◆ **GIVEN ENTRIES**
☆ ☆ ☆ ☆ ☆ ☆ ☆

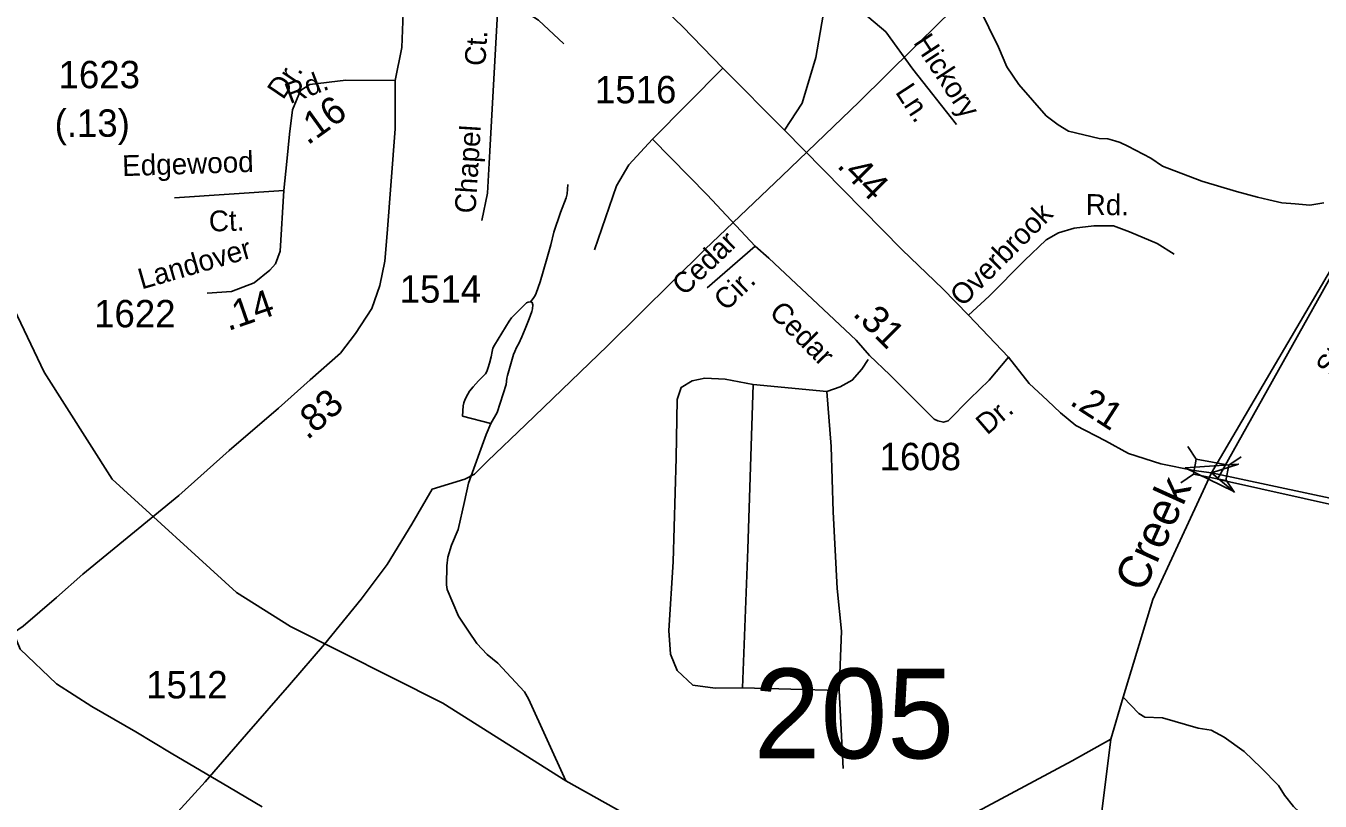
# Model space of a CAD drawing. Extents: x 1473865 to 1648260, y 639067 to 773536.
# Drawn here: x 1534546 to 1540456, y 689946 to 693485 of the extents above; entities that cross this region are included whole.
import ezdxf

# ---------------------------------------------------------------- set-up
doc = ezdxf.new("R2010")
doc.units = 0
for name, color, linetype in [('Exist Boundary Political City Limit New', 7, 'Continuous'), ('Exist Hydrographic Creek Single Shore', 7, 'Continuous'), ('Exist Hydrographic Creek Single Shore Label', 7, 'Continuous'), ('Exist Hydrographic Misc Water Feature', 7, 'Continuous'), ('Exist Road Non-System Type 51', 7, 'Continuous'), ('Exist Road Non-System Type 51 Label', 7, 'Continuous'), ('Exist Road Secondary Mileage Hundredths English Label', 7, 'Continuous'), ('Exist Road Secondary Structure Standard Bridge Attributed CELL', 7, 'Continuous'), ('Exist Road Secondary Structure Standard Bridge CELL', 7, 'Continuous'), ('Exist Road Secondary Structure Standard Bridge Number Label', 7, 'Continuous'), ('Exist Road Secondary Type 51 Attributed', 7, 'Continuous'), ('Exist Road Secondary Type 51 Label', 7, 'Continuous'), ('Exist Road Secondary Type 51 Number Label', 7, 'Continuous'), ('Exist Utilities Electrical Transmission Line', 7, 'Continuous'), ('Map Preparation Boundary City Limit Buffer Line', 7, 'Continuous')]:
    doc.layers.add(name, color=color, linetype=linetype)

msp = doc.modelspace()

# ---------------------------------------------------------------- linework, layer by layer
at = {"layer": 'Exist Boundary Political City Limit New'}
msp.add_lwpolyline([(1540722.9, 692728.8), (1539987.1, 691415.6), (1541187.6, 691147.4)], dxfattribs=at)
at = {"layer": 'Exist Hydrographic Creek Single Shore'}
for points in [[(1537498.9, 689765.2), (1537012.2, 690038.3), (1536449.8, 690392.6), (1535754.4, 690742.8), (1535507.4, 690898.7), (1534940.4, 691415.6), (1534630.4, 691904.5), (1534477.4, 692222.7), (1534310.4, 692718.4), (1534277.4, 692768.3), (1534050.4, 693705.1), (1534085.5, 693806.1), (1534204.4, 693944.9), (1534247.5, 694052.3), (1534276.5, 694301.2), (1534508.5, 694723.3), (1534561.5, 694915.9), (1534578.4, 695440.8), (1534764.5, 695653.6), (1534808.5, 695754.5), (1534853.6, 695939.4)], [(1539501.1, 690228.5), (1539556.1, 690420.3), (1539691.5, 690866.8), (1539959.5, 691444.3), (1540601.5, 692535.6), (1540858.5, 692940.7), (1540959.5, 693030.6), (1541286.5, 693165.2), (1541506.5, 693338), (1541673.5, 693393.7)], [(1538210.5, 687297.6), (1538307.2, 687320.4), (1538429.4, 687431.3), (1538492, 687482.5), (1538699.5, 687567.9), (1538872.9, 687678.9), (1538992.3, 687804.1), (1539134.5, 688314.4), (1539377.6, 689237.9), (1539501.1, 690228.5)], [(1539501.1, 690228.5), (1539324.5, 690129.1), (1538825.5, 689863.4)]]:
    msp.add_lwpolyline(points, dxfattribs=at)
at = {"layer": 'Exist Hydrographic Misc Water Feature'}
for points in [[(1540473.7, 692677.2), (1540409.5, 692666.5), (1540341.5, 692671.8), (1540281.6, 692677.1), (1540221.9, 692690.3), (1540170.1, 692703.3), (1540074.6, 692729.2), (1539915.5, 692776.5), (1539736.7, 692844), (1539683.5, 692881.1), (1539578.5, 692935.2), (1539542.8, 692951.9), (1539518.9, 692960.4), (1539487.2, 692969.1), (1539447.2, 692969.9), (1539307.7, 693004.7), (1539260.1, 693032.5), (1539205.1, 693074.7), (1539079.8, 693217.2), (1539025.4, 693298.3), (1538987.1, 693387), (1538898.7, 693566.7)], [(1536850.7, 692224.9), (1536863.2, 692240.2), (1536871.5, 692253.2), (1536876.3, 692264.7), (1536886, 692289.7), (1536894.7, 692316.8), (1536925.1, 692420.7), (1536942.7, 692484.5), (1536957, 692542.3), (1536987.8, 692632.1), (1537012.9, 692699.7), (1537017.3, 692717.8), (1537021.3, 692760.1)], [(1536668.9, 691669.9), (1536540, 691703.7), (1536543, 691750.1), (1536545.8, 691763.2), (1536552.8, 691780.7), (1536563.8, 691803.7), (1536572.2, 691816.7), (1536588.3, 691837), (1536613.2, 691864.8), (1536634.3, 691885.5), (1536645.1, 691895.9), (1536650.5, 691906.9), (1536656.9, 691925.4), (1536663.9, 691945.5), (1536670.6, 691974.1), (1536675.1, 691998.3), (1536679, 692012.9), (1536686.4, 692026.8), (1536753.3, 692136), (1536763.8, 692151.5), (1536779.2, 692167.3), (1536832.5, 692220.2), (1536839.1, 692223.5), (1536850.7, 692224.9)], [(1536850.7, 692224.9), (1536857.8, 692222.2), (1536860.5, 692212), (1536859.2, 692192.8), (1536855.9, 692180.7), (1536844, 692147.7), (1536826.4, 692101.6), (1536811.5, 692065.5), (1536796.7, 692034.5), (1536786.7, 692016.1), (1536778.2, 691998.5), (1536772.9, 691984.5), (1536748.4, 691899.2), (1536745.6, 691889.1), (1536742.8, 691876.6), (1536739.7, 691846.9), (1536698, 691719.9), (1536668.9, 691669.9)], [(1537012.2, 690038.3), (1536840.8, 690412), (1536823.4, 690444.4), (1536701.9, 690574.7), (1536652.7, 690615.7), (1536605.7, 690664.6), (1536566.8, 690721.4), (1536522.1, 690790.3), (1536470.4, 690911.3), (1536466.8, 690933.3), (1536468.5, 691019.3), (1536473.3, 691059.1), (1536490.4, 691114.8), (1536519.7, 691186.1), (1536549.1, 691312.9), (1536567.9, 691397.1), (1536648.2, 691619.3), (1536668.9, 691669.9)], [(1539556.1, 690420.3), (1539628.1, 690345.4), (1539655.8, 690328.9), (1539735.8, 690325.3), (1539898.9, 690278), (1539958.7, 690268.8), (1540018.1, 690237.6), (1540108.9, 690171.7), (1540187.4, 690098.2), (1540265.8, 690016.6), (1540292.8, 689972.4), (1540334.7, 689921.3), (1540391, 689868.2), (1540532.8, 689751.3), (1540588, 689708.3), (1540746.4, 689625.1), (1540791.9, 689594.3), (1540861.1, 689558.8), (1540904.8, 689541.9), (1541103.5, 689473.9), (1541159.2, 689456.8), (1541230.8, 689437.3)]]:
    msp.add_lwpolyline(points, dxfattribs=at)
at = {"layer": 'Exist Road Non-System Type 51'}
for points in [[(1536700.8, 693571), (1536664.6, 692913.1), (1536653.8, 692721), (1536628.6, 692596.4)], [(1536700.8, 693571), (1536755, 693587.3), (1536810.9, 693560.2), (1536886.7, 693511.4), (1537002.1, 693403.1)], [(1538011, 693008.3), (1538090.8, 693131.3), (1538153.9, 693340.8), (1538200.4, 693613.6)], [(1538200.4, 693613.6), (1538290.2, 693593.6), (1538366.6, 693547), (1538473, 693457.2), (1538595.9, 693287.6), (1538795.3, 693034.9)], [(1537728.1, 693292.3), (1537408.1, 692968.1)], [(1537408.1, 692968.1), (1537299.7, 692851), (1537242.6, 692753.9), (1537142.7, 692462.6)], [(1537408.1, 692968.1), (1537656.4, 692713.9), (1537876.2, 692479.7)], [(1539789, 692442.5), (1539711.6, 692491.5), (1539586, 692544.6), (1539512.3, 692571.5), (1539422.3, 692572.4), (1539332.2, 692561.4), (1539261.9, 692540), (1539205.7, 692508.7), (1539106.7, 692413.6), (1538945.1, 692251.2), (1538851.1, 692164.1)], [(1537876.2, 692479.7), (1537656.4, 692288.4)], [(1538391.6, 691961.8), (1538363.8, 691917.7), (1538319.8, 691866.8), (1538264.3, 691836.7), (1538204.2, 691815.9)], [(1537866.6, 691848.3), (1537739.4, 691871.4), (1537646.9, 691876), (1537589.1, 691864.5), (1537538.2, 691834.4), (1537519.7, 691778.8), (1537515.1, 691512.7), (1537501.3, 691037.4), (1537482.8, 690725), (1537489.7, 690616.2), (1537519.8, 690542.2), (1537591.5, 690475), (1537693.2, 690461.2), (1537818.1, 690463.5)], [(1537866.6, 691848.3), (1537843.4, 691096.6), (1537818.1, 690463.5)], [(1538204.2, 691815.9), (1537866.6, 691848.3)], [(1538204.2, 691815.9), (1538222.6, 691564.1), (1538231.8, 691265.6), (1538250.3, 690916.1), (1538271, 690721.2), (1538259.8, 690450)], [(1537818.1, 690463.5), (1538259.8, 690450)], [(1538259.8, 690450), (1538277.9, 690094)]]:
    msp.add_lwpolyline(points, dxfattribs=at)
at = {"layer": 'Exist Road Secondary Structure Standard Bridge Attributed CELL'}
msp.add_lwpolyline([(1540058.8, 691360.5), (1539839.8, 691467.7), (1540083.1, 691484.3), (1539959.5, 691444.3)], close=True, dxfattribs=at)
at = {"layer": 'Exist Road Secondary Structure Standard Bridge CELL'}
for p, q in [((1539851.8, 691563.9), (1539890.7, 691506.9)), ((1540039.2, 691478.7), (1540096.1, 691517.6)), ((1539820.7, 691398.6), (1539877.7, 691437.5)), ((1540026.4, 691410.8), (1540065.3, 691353.9))]:
    msp.add_line(p, q, dxfattribs=at)
msp.add_lwpolyline([(1539890.7, 691506.9), (1540039.2, 691479), (1540026.2, 691409.6), (1539877.7, 691437.5)], close=True, dxfattribs=at)
at = {"layer": 'Exist Road Secondary Type 51 Attributed'}
msp.add_line((1535724.5, 692733.5), (1535224.9, 692700.4), dxfattribs=at)
for points in [[(1536223.8, 694016.8), (1536248.7, 693941.5), (1536259.8, 693889.3), (1536271, 693797.2), (1536276.6, 693624.9), (1536268.3, 693544.2), (1536262.7, 693385.8), (1536232.6, 693234.8)], [(1537405.3, 693615.7), (1537545.1, 693481.3), (1537728.1, 693292.3), (1538011, 693008.3), (1538187.2, 692828.8), (1538547.6, 692462.9), (1538732.9, 692284.1), (1538851.1, 692164.1), (1539033.5, 691972.6)], [(1536232.6, 693234.8), (1536232.6, 693015.2), (1536196.5, 692537.1), (1536185.3, 692410.5), (1536163.1, 692299.3), (1536125.5, 692195), (1536051.4, 692080.1), (1535982.6, 691990.8), (1535843.7, 691868.4), (1535700.1, 691739.1), (1535474.2, 691545.6), (1535245.1, 691341.2), (1534806.1, 690981.2), (1534686.6, 690875.5), (1534534.3, 690744.8), (1534489.4, 690714.3)], [(1536232.6, 693234.8), (1536006.6, 693236.2), (1535843.1, 693217.8), (1535800.9, 693190.2), (1535763.2, 693101.4), (1535749.3, 692990.2), (1535738.2, 692865.1), (1535724.5, 692733.5)], [(1535724.5, 692733.5), (1535707.7, 692456.5), (1535685.4, 692398.1), (1535660.4, 692370.3), (1535588.2, 692312), (1535485.4, 692272.4), (1535374.4, 692264.7)], [(1539033.5, 691972.6), (1538945.4, 691866.7), (1538857.2, 691781.4), (1538757.3, 691681.4), (1538736.7, 691675.5), (1538710.2, 691681.4), (1538693.7, 691689.4), (1538491.6, 691891.6), (1538398.5, 691980.2), (1538337.1, 692049.4), (1537938, 692424.8), (1537876.2, 692479.7)], [(1539033.5, 691972.6), (1539128, 691851.5), (1539210.9, 691774.2), (1539270.1, 691718.8), (1539340.5, 691660), (1539476.4, 691590.2), (1539581.1, 691532.3), (1539729.2, 691485.4), (1539878.8, 691454.5), (1539959.5, 691444.3)], [(1539959.5, 691444.3), (1541513.5, 691112.1), (1541695.6, 691068.7), (1541910.7, 691005.3), (1542131.3, 690939.6), (1542352.4, 690878.1), (1542555.6, 690848), (1542727.3, 690827.3), (1542868.6, 690823.4), (1542983.9, 690823.4), (1543161.1, 690837.5), (1543293.2, 690845.9), (1543563.2, 690862.8), (1543878.2, 690893.8), (1544169.7, 690938.5), (1544432.7, 690942.8)], [(1534489.4, 690714.3), (1534520, 690639.3), (1534686.6, 690480.8), (1534847.7, 690378), (1535047.7, 690261.2), (1535209.7, 690165.2), (1535476, 690008), (1535625.4, 689920)]]:
    msp.add_lwpolyline(points, dxfattribs=at)
at = {"layer": 'Exist Utilities Electrical Transmission Line'}
msp.add_lwpolyline([(1540708, 695288.4), (1540348.4, 694964.3), (1539954.5, 694612.8), (1539568.8, 694279.3), (1539253.8, 693990.7), (1538975.7, 693745.2), (1538725.6, 693507.5), (1538351.3, 693137.7), (1537997.5, 692799.4), (1537647.8, 692465.3), (1537202.3, 692024.7), (1536828.2, 691663), (1536655.4, 691499.8), (1536594.3, 691438.8), (1536549.9, 691415.5), (1536401.1, 691370.1), (1536308.4, 691209.7), (1536195.2, 691025.5), (1536076.5, 690867.4), (1535909.1, 690662.3), (1535749.9, 690476.8), (1535554.1, 690252), (1535364.3, 690033.2), (1535240.1, 689897.2)], dxfattribs=at)
at = {"layer": 'Map Preparation Boundary City Limit Buffer Line'}
msp.add_lwpolyline([(1540722.9, 692728.8), (1539987.1, 691415.6), (1541187.6, 691147.4)], dxfattribs=at)

# ---------------------------------------------------------------- texts
at = {"layer": 'Exist Hydrographic Creek Single Shore Label'}
msp.add_text('Creek', height=150, rotation=65.58567, dxfattribs=at).set_placement((1539649.4, 690893.2))
at = {"layer": 'Exist Road Non-System Type 51 Label'}
for s, rotation, p in [('Ct.', 86.38277, (1536643.8, 693299.6)), ('Hickory', 303.28615, (1538596, 693409)), ('Ln.', 303.28615, (1538513.3, 693182.4)), ('Chapel', 86.38277, (1536598.8, 692626.5)), ('Rd.', 359.48009, (1539385.2, 692621.9)), ('Overbrook', 45.15201, (1538823.7, 692198.9)), ('Cedar', 43.90072, (1537552.4, 692248.4)), ('Stoneybrook', 58.02789, (1540510.7, 691879.1)), ('Cir.', 43.90072, (1537743.2, 692178.7))]:
    msp.add_text(s, height=95, rotation=rotation, dxfattribs=at).set_placement(p)
at = {"layer": 'Exist Road Secondary Mileage Hundredths English Label'}
for s, rotation, p in [('.16', 35.80026, (1535832.9, 692937.5)), ('(.13)', 0.23051, (1534677.6, 692977.5)), ('.44', 314.56827, (1538245, 692843.4)), ('.14', 19.10441, (1535469.9, 692091.2)), ('.31', 314.97675, (1538317.7, 692166.4)), ('.83', 41.50707, (1535831.9, 691591.2)), ('.21', 327.24239, (1539307.4, 691759))]:
    msp.add_text(s, height=125, rotation=rotation, dxfattribs=at).set_placement(p)
at = {"layer": 'Exist Road Secondary Structure Standard Bridge Number Label'}
msp.add_text('205', height=410.1, dxfattribs=at).set_placement((1537869.6, 690140.8))
at = {"layer": 'Exist Road Secondary Type 51 Label'}
for s, rotation, p in [('Dr.', 55.96759, (1535720.5, 693143.8)), ('Rd.', 20.95092, (1535751.9, 693127.3)), ('Edgewood', 1.90153, (1534987.5, 692798.6)), ('Ct.', 1.90153, (1535383.2, 692545.4)), ('Landover', 16.08591, (1535074.8, 692281.1)), ('Cedar', 314.92914, (1537935.6, 692170.8)), ('Dr.', 40.73332, (1538935.4, 691613.8))]:
    msp.add_text(s, height=95, rotation=rotation, dxfattribs=at).set_placement(p)
at = {"layer": 'Exist Road Secondary Type 51 Number Label'}
for s, p in [('1623', (1534695.4, 693200)), ('1516', (1537144.7, 693131.3)), ('1514', (1536253.1, 692221)), ('1622', (1534857.8, 692108.6)), ('1608', (1538444.5, 691456.3)), ('1512', (1535095.5, 690414.5))]:
    msp.add_text(s, height=125, dxfattribs=at).set_placement(p)

doc.saveas('drawing.dxf')

☆ ☆ ☆ ☆ ☆ ☆ ☆

◆ **WHAT IS EXPECTED**
Would you please copy each line of the listing that contains the word "Cedar"?

◆ **EXERCISE SOLUTION**
for s, rotation, p in [('Ct.', 86.38277, (1536643.8, 693299.6)), ('Hickory', 303.28615, (1538596, 693409)), ('Ln.', 303.28615, (1538513.3, 693182.4)), ('Chapel', 86.38277, (1536598.8, 692626.5)), ('Rd.', 359.48009, (1539385.2, 692621.9)), ('Overbrook', 45.15201, (1538823.7, 692198.9)), ('Cedar', 43.90072, (1537552.4, 692248.4)), ('Stoneybrook', 58.02789, (1540510.7, 691879.1)), ('Cir.', 43.90072, (1537743.2, 692178.7))]:
for s, rotation, p in [('Dr.', 55.96759, (1535720.5, 693143.8)), ('Rd.', 20.95092, (1535751.9, 693127.3)), ('Edgewood', 1.90153, (1534987.5, 692798.6)), ('Ct.', 1.90153, (1535383.2, 692545.4)), ('Landover', 16.08591, (1535074.8, 692281.1)), ('Cedar', 314.92914, (1537935.6, 692170.8)), ('Dr.', 40.73332, (1538935.4, 691613.8))]:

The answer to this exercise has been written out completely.